Discuss everything related to paid childcare here, including childminders, nannies, nurseries and au pairs.

What exactly is the role of a modern au-pair?

28 replies

new2cm · 20/03/2011 18:50

I started this thread following a discovery I made during an AIBR thread.

This is what I thought an au-pair was:

A young woman between the ages of 16-26, going to a country to live with a family, with the primary aim to learn its language and its culture, by attending a recognised English course for a minimum of 10 hours a week. Like a student, but instead of the student paying the host for lodgings, the au-pair lives free of charge with a family, in exchange for doing free childcare and paid pocket money of up to £70 per week (in other words, £10 per day) for doing light household chores (e.g vacuum cleaning the children's bedroom, preparing the children's meals, tidying up children's bedroom, doing children's ironing).

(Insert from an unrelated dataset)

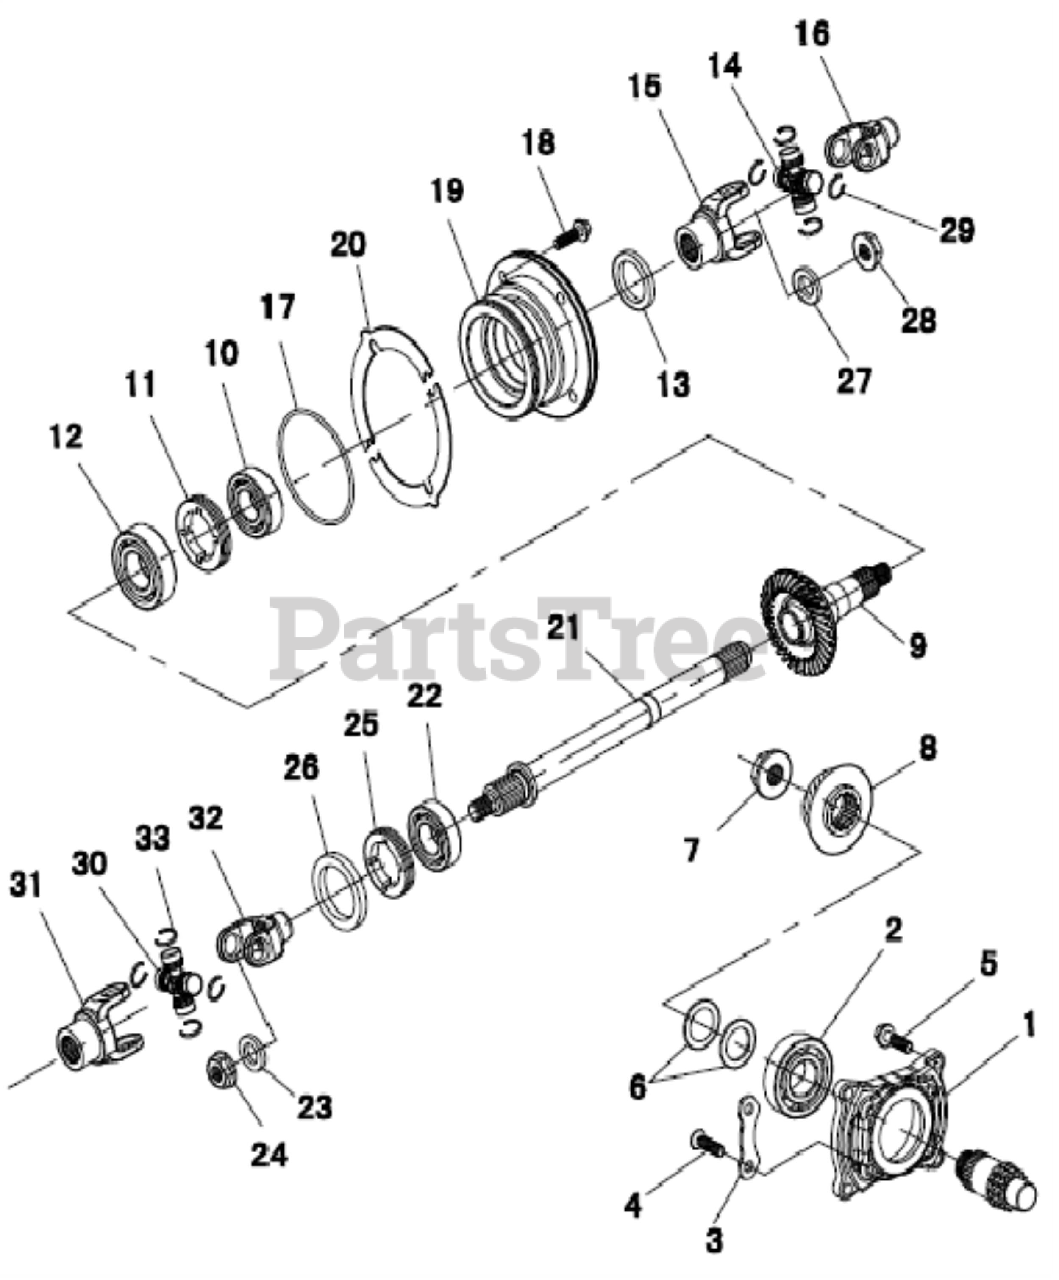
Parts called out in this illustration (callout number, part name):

Apparently, this is not the case. They are now employees, doing a nanny's job but being paid an hourly rate rather than a salary.

Does this mean that a modern au-pair no longer needs to attend college to learn English?

This has completely thrown me. I will google some more tomorrow morning but I am interested, seeing that I am a part-time childminder, I should know these things. Confused and Blush

OP posts:
Are your children’s vaccines up to date?
NewTeacher · 22/03/2011 09:24

New2cm - Yes an AP+ does 35 hours a week but that is stipulated in the contract and you pay more for them. But again there should be NO sole charge of small children and the older ones are likely to be at school/nursery so dont need 7 hours worth of care.

If you are AP+ there should be some sort of contract/agreement in place as to what your actual job is. Why take on a job if you dont actually know what you are going to do? If its stipulated that you will be doing 10 hours of cleaning then you cant really compalin afterwards if thats what you have already been told.

SnapFrakkleAndPop · 22/03/2011 09:34

Even if you're a 'straight' AP you need to have a contract in place which should specify what your job is.

Whether there's sole charge or not, or extended care or not, is entirely down to the individuals involved.

The terms au pair and au pair plus should definitely be scrapped as they're horrifically misleading.

DadInsteadofMum · 22/03/2011 14:55

AS ever agrees with everything FRak says, bows to MrA superior knowledge of employment law and is horrified that some people are still claiming they are not employees no matter how many times it is proved with links to the relevant case law.